Toronto’s transit commissioners are restless to renovate the subway system—not to make it run better, but to spruce up the stations. For justification they can conveniently point to their own neglect: makeshift alterations and repairs are everywhere, signage is a mess, and it seems like eons since the tunnel-washing train has passed through.
When things get old and dirty, it’s hard to see their integrity; yet for its age, integrity is the one thing much of Toronto’s subway still has in spades. Take the Bloor–Danforth line, which survives much as it was built, in the nineteen-sixties. Beneath the dirt, a powerful, minimalist modernity still shines. From end to end, original tiles, typeface, signs, lighting, railings, terrazzo, and other details are slightly worse for wear, but look better than the renovations and alterations made since.
I remember the redo of the original Yonge line, in the nineteen-eighties. Pallets of thick, heavy tiles were plunked down on subway platforms while crews got to work with crowbars, glue, and grout. After a few weeks of chipping, the new tile took the place of the original Vitrolite glass. Eglinton became the only station where the original 1954 design was retained, with the help of materials salvaged from closed areas of the station, and from the ravaged Queen station to the south.

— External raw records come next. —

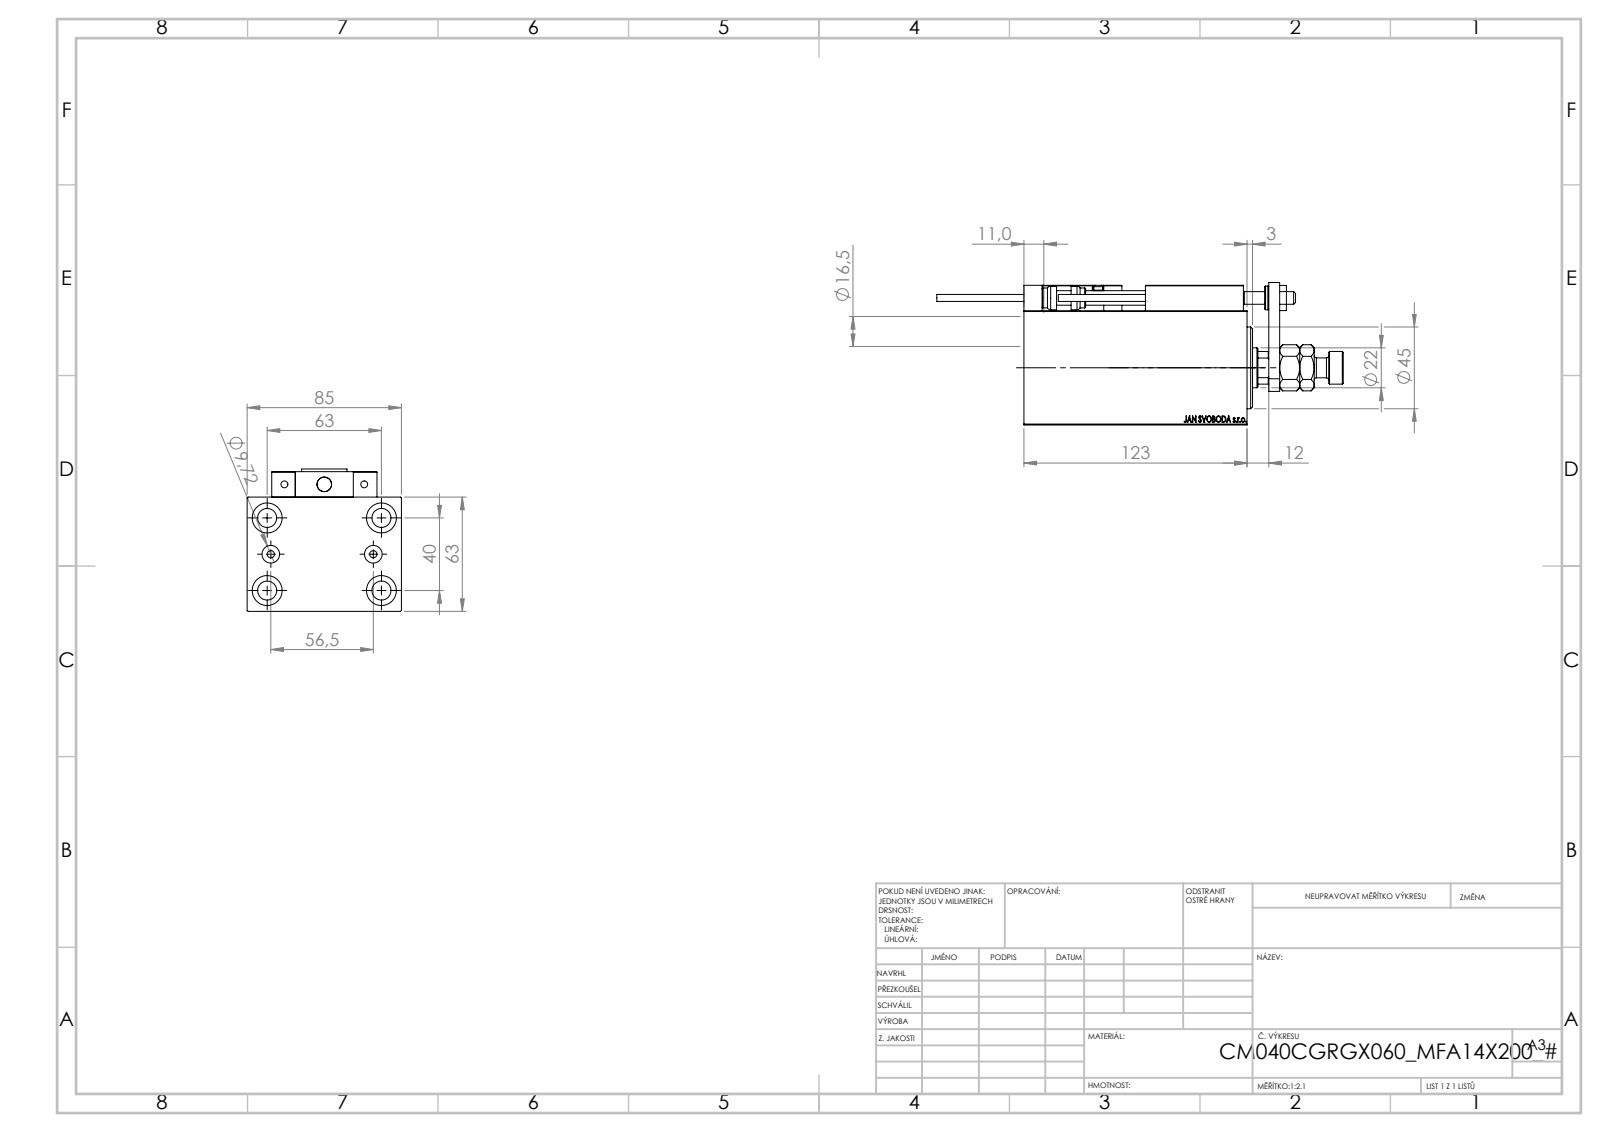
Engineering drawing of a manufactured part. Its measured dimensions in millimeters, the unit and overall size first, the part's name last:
Units: millimetres
Overall size (bounding box): 224 × 85 × 78.5
Round holes (diameter × count): ⌀4 ×6, ⌀8 ×5, ⌀16.5 ×5, ⌀3.2 ×4, ⌀10.5 ×4, ⌀5 ×2, ⌀9.72 ×2, ⌀7 ×1, ⌀12.5 ×1, ⌀22 ×1, ⌀25.5 ×1, ⌀40 ×1
Round bosses / shafts (diameter × count): ⌀11 ×2, ⌀5 ×2, ⌀3.8 ×2, ⌀18 ×1, ⌀13 ×1
Partial cylindrical surfaces — rounded edges, fillets, slot ends (radius × count): R0.3 ×30, R3 ×2, R10.5 ×1
Main face-to-face distances: 63, 85, 12, 111, 123, 14, 18, 30, 77, 20
Hole centre spacings: 37.31, 11.37, 20, 20.1, 20.5, 29.59, 29.69, 36.06
Volume: 614 041 mm³ · Surface area: 129 770 mm²
Bodies: 24 solids, 1330 faces (576 planar, 188 cylindrical, 566 other)
Part name (STEP PRODUCT): SWITCH DIM B,W; V450CM_C_VCP; TYC_L79; MAGNET (+7 more)
STEP written by: SolidWorks 2019 (CONFIG_CONTROL_DESIGN)
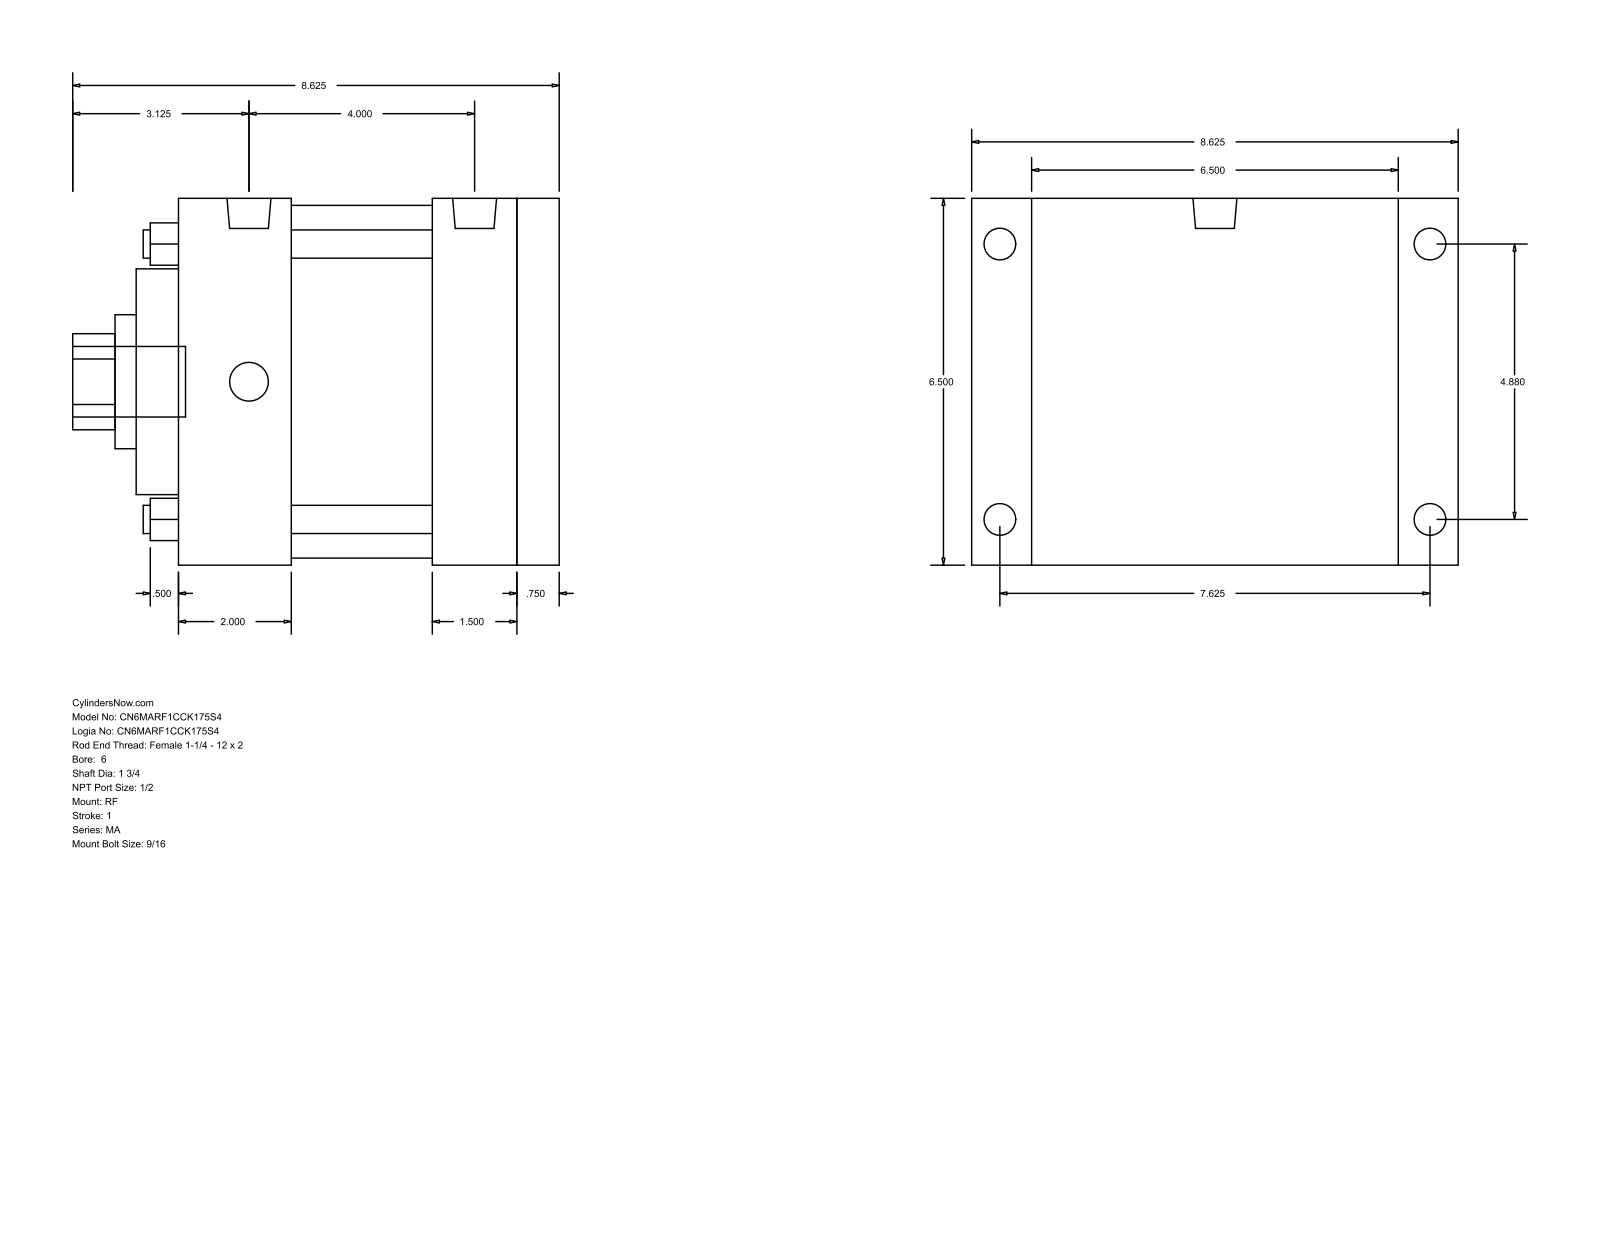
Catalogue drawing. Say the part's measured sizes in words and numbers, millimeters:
The part is named "MA_RF__0600_1.75". Its 3-D file was written by "GSSL Pune (CONFIG_CONTROL_DESIGN)". It is 0 solids with 94 faces: 65 planar, 29 cylindrical and 0 other. Overall it measures 219.07 by 219.07 by 165.1 millimeters. Round holes: 4 of diameter 12.7, 1 of diameter 44.45, 1 of diameter 60.33, 1 of diameter 101.6, 1 of diameter 158.75. Round bosses or shafts: 4 of diameter 17.46, 4 of diameter 14.29, 2 of diameter 19.77, 1 of diameter 31.75. Partial cylindrical surfaces (rounded edges, fillets, slot ends): 1 of radius 21.63. The main face-to-face distances are 165.1, 171.45, 19.04, 152.41, 19.05, 38.1, 50.8, 101.61, 120.65, 114.31. The hole center spacings are 87.65, 123.96, 175.31.
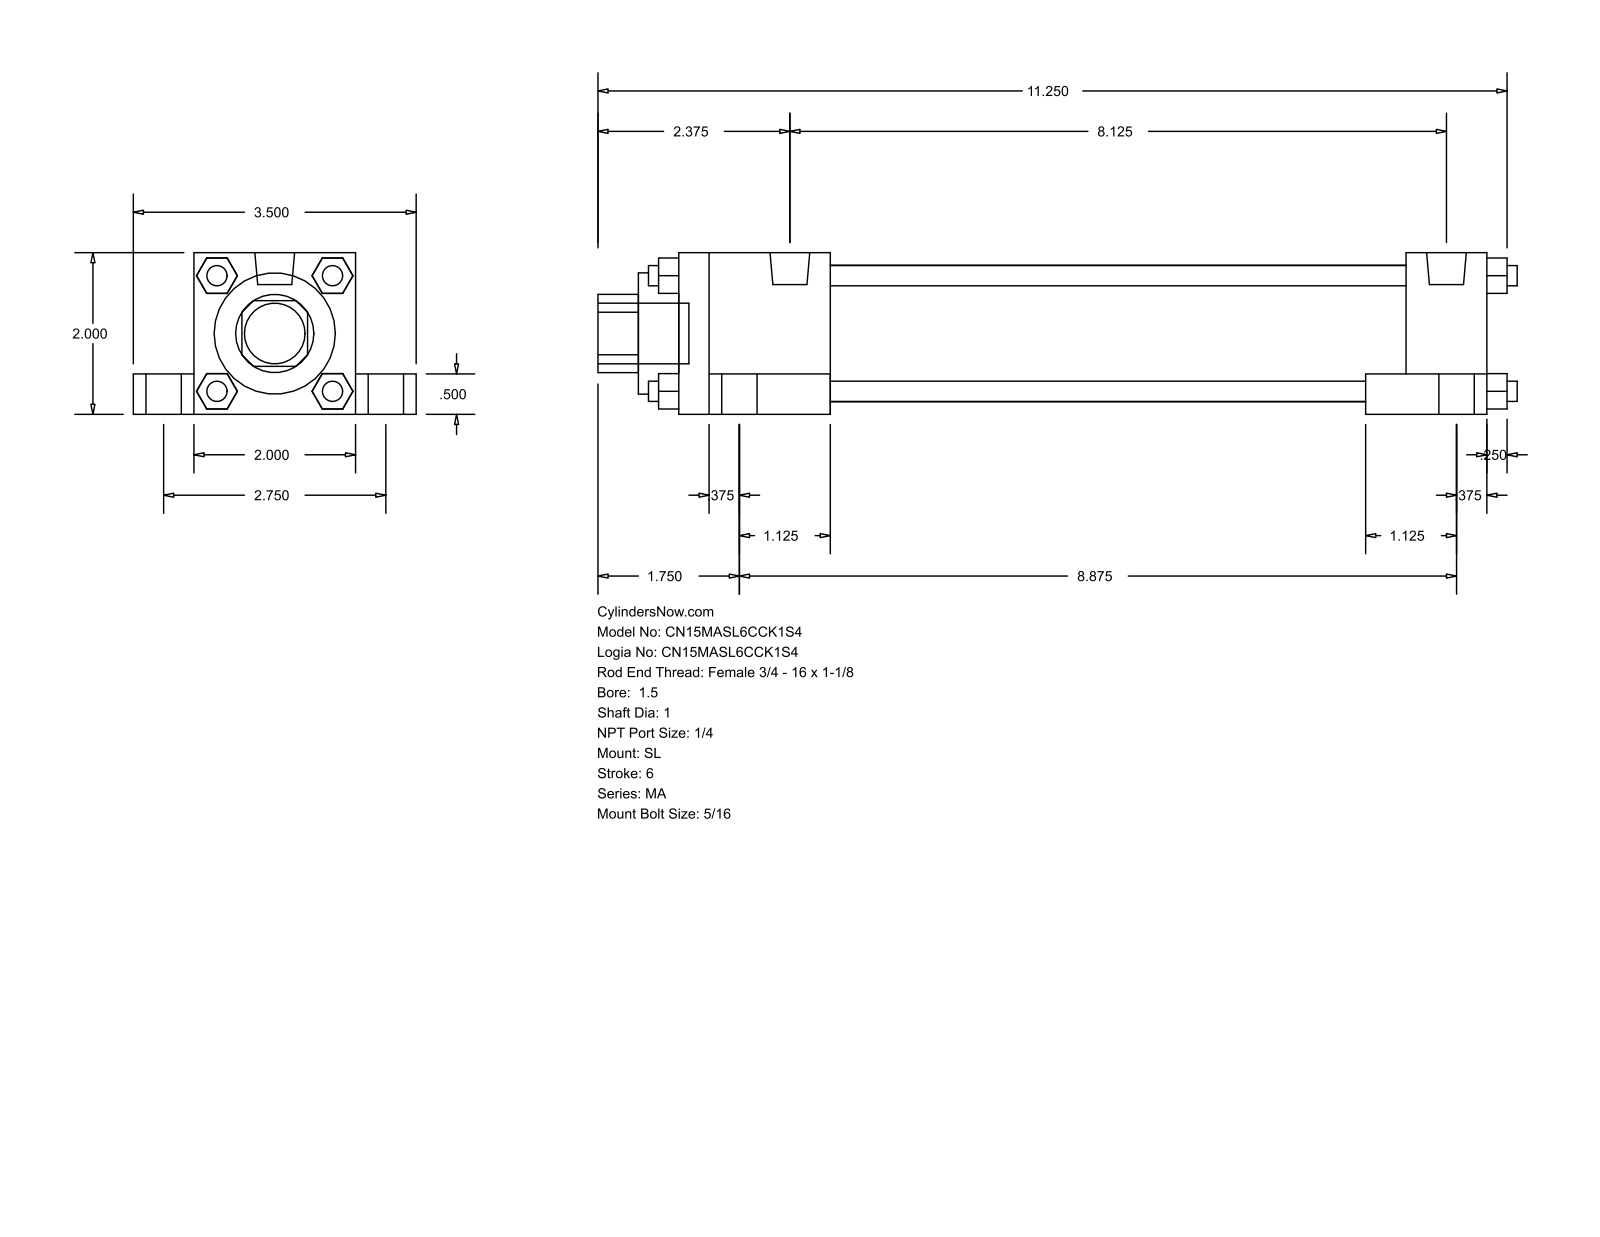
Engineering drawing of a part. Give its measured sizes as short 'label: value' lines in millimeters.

The years have not been kind to the renovated portions of the Yonge line. I have not heard much praise for the pukey pea-soup coloured tile on the walls of Dundas station, the brown mottled tile adorning College and King, or the unfortunate choice of lettering that marks Queen. High-profile Union is a mess: the original (and rugged) terrazzo floors were replaced with tile that has cracked and chipped, and is now lousy with patches, and a troublesome metal cladding system that covered the walls has had to be removed.
On the face of it, the recent makeover of Museum station, in fancy Egyptian-and-sundry mode, suggests an attempt to do better. The original artist drawings show the excitement of the Royal Ontario Museum brought underground. But unlike those renderings, the final product is marred by prominent, ugly intrusions, including overhead conduits, the ugly sodium lighting of the Designated Waiting Area, and portions of the old tile simply covered over with paint (already chipping). And while even the eighties redesign of the Yonge line covered entire stations, Museum’s new decor doesn’t extend beyond its platform—the stairs and upper level still fitted with the original yellow tiles.
So there is an ominous sense of déjà vu as transit commissioners attempt to assuage public discontent over the dirt with promises of fancy new stations.
But multi-million dollar stage-set redesigns aren’t the only options. What about restoration, instead? The term describes putting something back into its original condition, which in the case of subways has its advantages. The design work is already done; the decision validates the original as iconic, and the system’s integrity as understood. As the urban planner George Kapelos wrote in the Globe and Mail a generation ago, when the unfortunate retiling on Yonge began, “Someone should point out to the TTC that when the line was first built, it was designed. That means that thought was given to uniformity of station design, to materials and graphics. What is happening now doesn’t respect that at all.”
We don’t dare build infrastructure so ambitiously today, so why not preserve the achievement?